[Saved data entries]
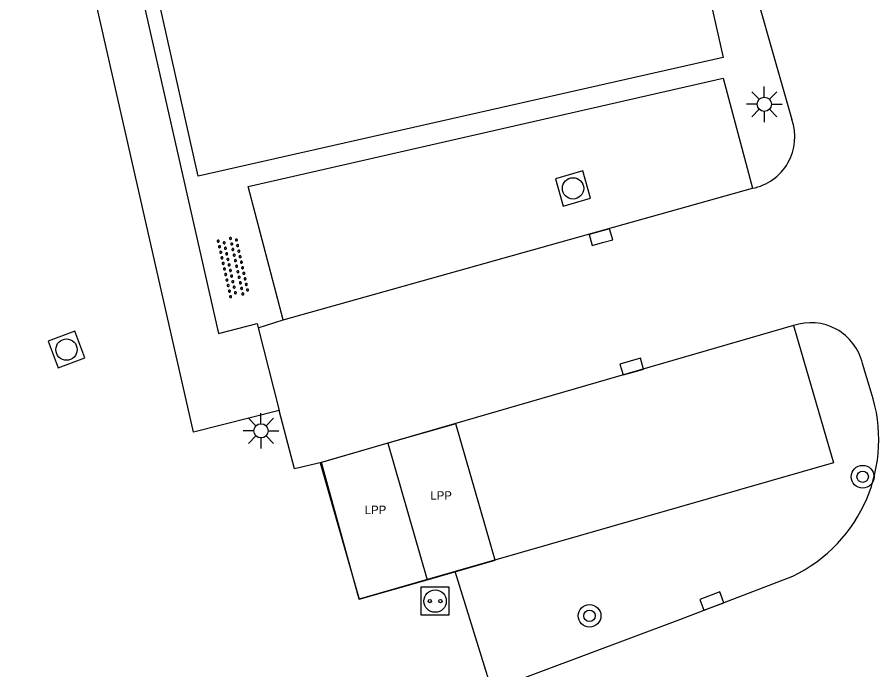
# Model space of a CAD drawing. Extents: x 137999 to 141000, y 397500 to 400501.
# Drawn here: x 138312.22 to 138342.52, y 399235.95 to 399258.89 of the extents above; entities that cross this region are included whole.
import ezdxf

# ---------------------------------------------------------------- set-up
doc = ezdxf.new("R2010")
doc.units = 0
for name, color, linetype in [('bp-grn-parkeervak', 7, 'Continuous'), ('gg-bbg-hoofdgebouw', 7, 'Continuous'), ('gg-knt-verharding', 7, 'Continuous'), ('gg-knt-verharding nz', 7, 'Continuous'), ('gt-grn-groengrens', 7, 'Continuous'), ('gt-symb-boom', 7, 'Continuous'), ('gt-symb-kolk', 7, 'Continuous'), ('gt-symb-laadpunt elektrisch vervoer', 7, 'Continuous'), ('gt-symb-lichtmast', 7, 'Continuous'), ('gt-symb-overige verharding', 7, 'Continuous'), ('gt-symb-rioolschacht', 7, 'Continuous'), ('kenmerkpunt laadpunt parkeerplaats', 7, 'Continuous')]:
    doc.layers.add(name, color=color, linetype=linetype)

# ---------------------------------------------------------------- blocks, each defined once
blk = doc.blocks.new('gt0-RS')
at = {"layer": 'gt-symb-rioolschacht'}
blk.add_lwpolyline([(-0.5, -0.5), (0.5, -0.5), (0.5, 0.5), (-0.5, 0.5)], close=True, dxfattribs=at)
blk.add_circle((0, 0), 0.375, dxfattribs=at)
blk = doc.blocks.new('gt0-KOLK')
at = {"layer": 'gt-symb-kolk'}
blk.add_lwpolyline([(0, 0), (0.375, 0), (0.375, 0.4), (-0.375, 0.4), (-0.375, 0), (0, 0)], dxfattribs=at)
blk = doc.blocks.new('gt0-LMAST')
at = {"layer": 'gt-symb-lichtmast'}
for p, q in [((-0.005, 0.246), (-0.005, 0.621)), ((-0.182, 0.173), (-0.447, 0.438)), ((0.172, 0.173), (0.437, 0.438)), ((-0.255, -0.004), (-0.63, -0.004)), ((-0.182, -0.181), (-0.447, -0.446)), ((-0.005, -0.254), (-0.005, -0.629)), ((0.437, -0.446), (0.172, -0.181)), ((0.245, -0.004), (0.62, -0.004))]:
    blk.add_line(p, q, dxfattribs=at)
blk.add_circle((-0.005, -0.004), 0.25, dxfattribs=at)
blk = doc.blocks.new('gt0-OVH')
at = {"layer": 'gt-symb-overige verharding'}
for points in [[(-0.972, 0.298), (-0.967, 0.308), (-0.965, 0.319), (-0.966, 0.33), (-0.971, 0.34), (-0.978, 0.348), (-0.988, 0.353), (-0.999, 0.355), (-1.01, 0.354), (-1.02, 0.349), (-1.028, 0.342), (-1.033, 0.332), (-1.035, 0.321), (-1.034, 0.31), (-1.029, 0.3), (-1.022, 0.292), (-1.012, 0.287), (-1.001, 0.285), (-0.99, 0.286), (-0.98, 0.291)], [(-0.772, 0.298), (-0.767, 0.308), (-0.765, 0.319), (-0.766, 0.33), (-0.771, 0.34), (-0.778, 0.348), (-0.788, 0.353), (-0.799, 0.355), (-0.81, 0.354), (-0.82, 0.349), (-0.828, 0.342), (-0.833, 0.332), (-0.835, 0.321), (-0.834, 0.31), (-0.829, 0.3), (-0.822, 0.292), (-0.812, 0.287), (-0.801, 0.285), (-0.79, 0.286), (-0.78, 0.291)], [(-0.572, 0.298), (-0.567, 0.308), (-0.565, 0.319), (-0.566, 0.33), (-0.571, 0.34), (-0.578, 0.348), (-0.588, 0.353), (-0.599, 0.355), (-0.61, 0.354), (-0.62, 0.349), (-0.628, 0.342), (-0.633, 0.332), (-0.635, 0.321), (-0.634, 0.31), (-0.629, 0.3), (-0.622, 0.292), (-0.612, 0.287), (-0.601, 0.285), (-0.59, 0.286), (-0.58, 0.291)], [(-0.372, 0.298), (-0.367, 0.308), (-0.365, 0.319), (-0.366, 0.33), (-0.371, 0.34), (-0.378, 0.348), (-0.388, 0.353), (-0.399, 0.355), (-0.41, 0.354), (-0.42, 0.349), (-0.428, 0.342), (-0.433, 0.332), (-0.435, 0.321), (-0.434, 0.31), (-0.429, 0.3), (-0.422, 0.292), (-0.412, 0.287), (-0.401, 0.285), (-0.39, 0.286), (-0.38, 0.291)], [(-0.172, 0.298), (-0.167, 0.308), (-0.165, 0.319), (-0.166, 0.33), (-0.171, 0.34), (-0.178, 0.348), (-0.188, 0.353), (-0.199, 0.355), (-0.21, 0.354), (-0.22, 0.349), (-0.228, 0.342), (-0.233, 0.332), (-0.235, 0.321), (-0.234, 0.31), (-0.229, 0.3), (-0.222, 0.292), (-0.212, 0.287), (-0.201, 0.285), (-0.19, 0.286), (-0.18, 0.291)], [(0.028, 0.298), (0.033, 0.308), (0.035, 0.319), (0.034, 0.33), (0.029, 0.34), (0.022, 0.348), (0.012, 0.353), (0.001, 0.355), (-0.01, 0.354), (-0.02, 0.349), (-0.028, 0.342), (-0.033, 0.332), (-0.035, 0.321), (-0.034, 0.31), (-0.029, 0.3), (-0.022, 0.292), (-0.012, 0.287), (-0.001, 0.285), (0.01, 0.286), (0.02, 0.291)], [(0.228, 0.298), (0.233, 0.308), (0.235, 0.319), (0.234, 0.33), (0.229, 0.34), (0.222, 0.348), (0.212, 0.353), (0.201, 0.355), (0.19, 0.354), (0.18, 0.349), (0.172, 0.342), (0.167, 0.332), (0.165, 0.321), (0.166, 0.31), (0.171, 0.3), (0.178, 0.292), (0.188, 0.287), (0.199, 0.285), (0.21, 0.286), (0.22, 0.291)], [(0.428, 0.298), (0.433, 0.308), (0.435, 0.319), (0.434, 0.33), (0.429, 0.34), (0.422, 0.348), (0.412, 0.353), (0.401, 0.355), (0.39, 0.354), (0.38, 0.349), (0.372, 0.342), (0.367, 0.332), (0.365, 0.321), (0.366, 0.31), (0.371, 0.3), (0.378, 0.292), (0.388, 0.287), (0.399, 0.285), (0.41, 0.286), (0.42, 0.291)], [(0.628, 0.298), (0.633, 0.308), (0.635, 0.319), (0.634, 0.33), (0.629, 0.34), (0.622, 0.348), (0.612, 0.353), (0.601, 0.355), (0.59, 0.354), (0.58, 0.349), (0.572, 0.342), (0.567, 0.332), (0.565, 0.321), (0.566, 0.31), (0.571, 0.3), (0.578, 0.292), (0.588, 0.287), (0.599, 0.285), (0.61, 0.286), (0.62, 0.291)], [(0.828, 0.298), (0.833, 0.308), (0.835, 0.319), (0.834, 0.33), (0.829, 0.34), (0.822, 0.348), (0.812, 0.353), (0.801, 0.355), (0.79, 0.354), (0.78, 0.349), (0.772, 0.342), (0.767, 0.332), (0.765, 0.321), (0.766, 0.31), (0.771, 0.3), (0.778, 0.292), (0.788, 0.287), (0.799, 0.285), (0.81, 0.286), (0.82, 0.291)], [(1.028, 0.298), (1.033, 0.308), (1.035, 0.319), (1.034, 0.33), (1.029, 0.34), (1.022, 0.348), (1.012, 0.353), (1.001, 0.355), (0.99, 0.354), (0.98, 0.349), (0.972, 0.342), (0.967, 0.332), (0.965, 0.321), (0.966, 0.31), (0.971, 0.3), (0.978, 0.292), (0.988, 0.287), (0.999, 0.285), (1.01, 0.286), (1.02, 0.291)], [(-0.872, 0.106), (-0.867, 0.116), (-0.865, 0.126), (-0.866, 0.137), (-0.871, 0.147), (-0.878, 0.156), (-0.888, 0.161), (-0.899, 0.163), (-0.91, 0.162), (-0.92, 0.157), (-0.928, 0.15), (-0.933, 0.14), (-0.935, 0.129), (-0.934, 0.118), (-0.929, 0.108), (-0.922, 0.1), (-0.912, 0.095), (-0.901, 0.092), (-0.89, 0.094), (-0.88, 0.098)], [(-0.672, 0.106), (-0.667, 0.116), (-0.665, 0.126), (-0.666, 0.137), (-0.671, 0.147), (-0.678, 0.156), (-0.688, 0.161), (-0.699, 0.163), (-0.71, 0.162), (-0.72, 0.157), (-0.728, 0.15), (-0.733, 0.14), (-0.735, 0.129), (-0.734, 0.118), (-0.729, 0.108), (-0.722, 0.1), (-0.712, 0.095), (-0.701, 0.092), (-0.69, 0.094), (-0.68, 0.098)], [(-0.472, 0.106), (-0.467, 0.116), (-0.465, 0.126), (-0.466, 0.137), (-0.471, 0.147), (-0.478, 0.156), (-0.488, 0.161), (-0.499, 0.163), (-0.51, 0.162), (-0.52, 0.157), (-0.528, 0.15), (-0.533, 0.14), (-0.535, 0.129), (-0.534, 0.118), (-0.529, 0.108), (-0.522, 0.1), (-0.512, 0.095), (-0.501, 0.092), (-0.49, 0.094), (-0.48, 0.098)], [(-0.272, 0.106), (-0.267, 0.116), (-0.265, 0.126), (-0.266, 0.137), (-0.271, 0.147), (-0.278, 0.156), (-0.288, 0.161), (-0.299, 0.163), (-0.31, 0.162), (-0.32, 0.157), (-0.328, 0.15), (-0.333, 0.14), (-0.335, 0.129), (-0.334, 0.118), (-0.329, 0.108), (-0.322, 0.1), (-0.312, 0.095), (-0.301, 0.092), (-0.29, 0.094), (-0.28, 0.098)], [(-0.072, 0.106), (-0.067, 0.116), (-0.065, 0.126), (-0.066, 0.137), (-0.071, 0.147), (-0.078, 0.156), (-0.088, 0.161), (-0.099, 0.163), (-0.11, 0.162), (-0.12, 0.157), (-0.128, 0.15), (-0.133, 0.14), (-0.135, 0.129), (-0.134, 0.118), (-0.129, 0.108), (-0.122, 0.1), (-0.112, 0.095), (-0.101, 0.092), (-0.09, 0.094), (-0.08, 0.098)], [(0.128, 0.106), (0.133, 0.116), (0.135, 0.126), (0.134, 0.137), (0.129, 0.147), (0.122, 0.156), (0.112, 0.161), (0.101, 0.163), (0.09, 0.162), (0.08, 0.157), (0.072, 0.15), (0.067, 0.14), (0.065, 0.129), (0.066, 0.118), (0.071, 0.108), (0.078, 0.1), (0.088, 0.095), (0.099, 0.092), (0.11, 0.094), (0.12, 0.098)], [(0.328, 0.106), (0.333, 0.116), (0.335, 0.126), (0.334, 0.137), (0.329, 0.147), (0.322, 0.156), (0.312, 0.161), (0.301, 0.163), (0.29, 0.162), (0.28, 0.157), (0.272, 0.15), (0.267, 0.14), (0.265, 0.129), (0.266, 0.118), (0.271, 0.108), (0.278, 0.1), (0.288, 0.095), (0.299, 0.092), (0.31, 0.094), (0.32, 0.098)], [(0.528, 0.106), (0.533, 0.116), (0.535, 0.126), (0.534, 0.137), (0.529, 0.147), (0.522, 0.156), (0.512, 0.161), (0.501, 0.163), (0.49, 0.162), (0.48, 0.157), (0.472, 0.15), (0.467, 0.14), (0.465, 0.129), (0.466, 0.118), (0.471, 0.108), (0.478, 0.1), (0.488, 0.095), (0.499, 0.092), (0.51, 0.094), (0.52, 0.098)], [(0.728, 0.106), (0.733, 0.116), (0.735, 0.126), (0.734, 0.137), (0.729, 0.147), (0.722, 0.156), (0.712, 0.161), (0.701, 0.163), (0.69, 0.162), (0.68, 0.157), (0.672, 0.15), (0.667, 0.14), (0.665, 0.129), (0.666, 0.118), (0.671, 0.108), (0.678, 0.1), (0.688, 0.095), (0.699, 0.092), (0.71, 0.094), (0.72, 0.098)], [(0.928, 0.106), (0.933, 0.116), (0.935, 0.126), (0.934, 0.137), (0.929, 0.147), (0.922, 0.156), (0.912, 0.161), (0.901, 0.163), (0.89, 0.162), (0.88, 0.157), (0.872, 0.15), (0.867, 0.14), (0.865, 0.129), (0.866, 0.118), (0.871, 0.108), (0.878, 0.1), (0.888, 0.095), (0.899, 0.092), (0.91, 0.094), (0.92, 0.098)], [(-0.972, -0.142), (-0.967, -0.132), (-0.965, -0.121), (-0.966, -0.11), (-0.971, -0.1), (-0.978, -0.092), (-0.988, -0.087), (-0.999, -0.085), (-1.01, -0.086), (-1.02, -0.091), (-1.028, -0.098), (-1.033, -0.108), (-1.035, -0.119), (-1.034, -0.13), (-1.029, -0.14), (-1.022, -0.148), (-1.012, -0.153), (-1.001, -0.155), (-0.99, -0.154), (-0.98, -0.149)], [(-0.872, -0.334), (-0.867, -0.324), (-0.865, -0.314), (-0.866, -0.303), (-0.871, -0.293), (-0.878, -0.284), (-0.888, -0.279), (-0.899, -0.277), (-0.91, -0.278), (-0.92, -0.283), (-0.928, -0.29), (-0.933, -0.3), (-0.935, -0.311), (-0.934, -0.322), (-0.929, -0.332), (-0.922, -0.34), (-0.912, -0.345), (-0.901, -0.348), (-0.89, -0.346), (-0.88, -0.342)], [(-0.772, -0.142), (-0.767, -0.132), (-0.765, -0.121), (-0.766, -0.11), (-0.771, -0.1), (-0.778, -0.092), (-0.788, -0.087), (-0.799, -0.085), (-0.81, -0.086), (-0.82, -0.091), (-0.828, -0.098), (-0.833, -0.108), (-0.835, -0.119), (-0.834, -0.13), (-0.829, -0.14), (-0.822, -0.148), (-0.812, -0.153), (-0.801, -0.155), (-0.79, -0.154), (-0.78, -0.149)], [(-0.672, -0.334), (-0.667, -0.324), (-0.665, -0.314), (-0.666, -0.303), (-0.671, -0.293), (-0.678, -0.284), (-0.688, -0.279), (-0.699, -0.277), (-0.71, -0.278), (-0.72, -0.283), (-0.728, -0.29), (-0.733, -0.3), (-0.735, -0.311), (-0.734, -0.322), (-0.729, -0.332), (-0.722, -0.34), (-0.712, -0.345), (-0.701, -0.348), (-0.69, -0.346), (-0.68, -0.342)], [(-0.572, -0.142), (-0.567, -0.132), (-0.565, -0.121), (-0.566, -0.11), (-0.571, -0.1), (-0.578, -0.092), (-0.588, -0.087), (-0.599, -0.085), (-0.61, -0.086), (-0.62, -0.091), (-0.628, -0.098), (-0.633, -0.108), (-0.635, -0.119), (-0.634, -0.13), (-0.629, -0.14), (-0.622, -0.148), (-0.612, -0.153), (-0.601, -0.155), (-0.59, -0.154), (-0.58, -0.149)], [(-0.472, -0.334), (-0.467, -0.324), (-0.465, -0.314), (-0.466, -0.303), (-0.471, -0.293), (-0.478, -0.284), (-0.488, -0.279), (-0.499, -0.277), (-0.51, -0.278), (-0.52, -0.283), (-0.528, -0.29), (-0.533, -0.3), (-0.535, -0.311), (-0.534, -0.322), (-0.529, -0.332), (-0.522, -0.34), (-0.512, -0.345), (-0.501, -0.348), (-0.49, -0.346), (-0.48, -0.342)], [(-0.372, -0.142), (-0.367, -0.132), (-0.365, -0.121), (-0.366, -0.11), (-0.371, -0.1), (-0.378, -0.092), (-0.388, -0.087), (-0.399, -0.085), (-0.41, -0.086), (-0.42, -0.091), (-0.428, -0.098), (-0.433, -0.108), (-0.435, -0.119), (-0.434, -0.13), (-0.429, -0.14), (-0.422, -0.148), (-0.412, -0.153), (-0.401, -0.155), (-0.39, -0.154), (-0.38, -0.149)], [(-0.272, -0.334), (-0.267, -0.324), (-0.265, -0.314), (-0.266, -0.303), (-0.271, -0.293), (-0.278, -0.284), (-0.288, -0.279), (-0.299, -0.277), (-0.31, -0.278), (-0.32, -0.283), (-0.328, -0.29), (-0.333, -0.3), (-0.335, -0.311), (-0.334, -0.322), (-0.329, -0.332), (-0.322, -0.34), (-0.312, -0.345), (-0.301, -0.348), (-0.29, -0.346), (-0.28, -0.342)], [(-0.172, -0.142), (-0.167, -0.132), (-0.165, -0.121), (-0.166, -0.11), (-0.171, -0.1), (-0.178, -0.092), (-0.188, -0.087), (-0.199, -0.085), (-0.21, -0.086), (-0.22, -0.091), (-0.228, -0.098), (-0.233, -0.108), (-0.235, -0.119), (-0.234, -0.13), (-0.229, -0.14), (-0.222, -0.148), (-0.212, -0.153), (-0.201, -0.155), (-0.19, -0.154), (-0.18, -0.149)], [(-0.072, -0.334), (-0.067, -0.324), (-0.065, -0.314), (-0.066, -0.303), (-0.071, -0.293), (-0.078, -0.284), (-0.088, -0.279), (-0.099, -0.277), (-0.11, -0.278), (-0.12, -0.283), (-0.128, -0.29), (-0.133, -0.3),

• [The task] List every line in the records above that contains the word "overige".

• [Response]
for name, color, linetype in [('bp-grn-parkeervak', 7, 'Continuous'), ('gg-bbg-hoofdgebouw', 7, 'Continuous'), ('gg-knt-verharding', 7, 'Continuous'), ('gg-knt-verharding nz', 7, 'Continuous'), ('gt-grn-groengrens', 7, 'Continuous'), ('gt-symb-boom', 7, 'Continuous'), ('gt-symb-kolk', 7, 'Continuous'), ('gt-symb-laadpunt elektrisch vervoer', 7, 'Continuous'), ('gt-symb-lichtmast', 7, 'Continuous'), ('gt-symb-overige verharding', 7, 'Continuous'), ('gt-symb-rioolschacht', 7, 'Continuous'), ('kenmerkpunt laadpunt parkeerplaats', 7, 'Continuous')]:
at = {"layer": 'gt-symb-overige verharding'}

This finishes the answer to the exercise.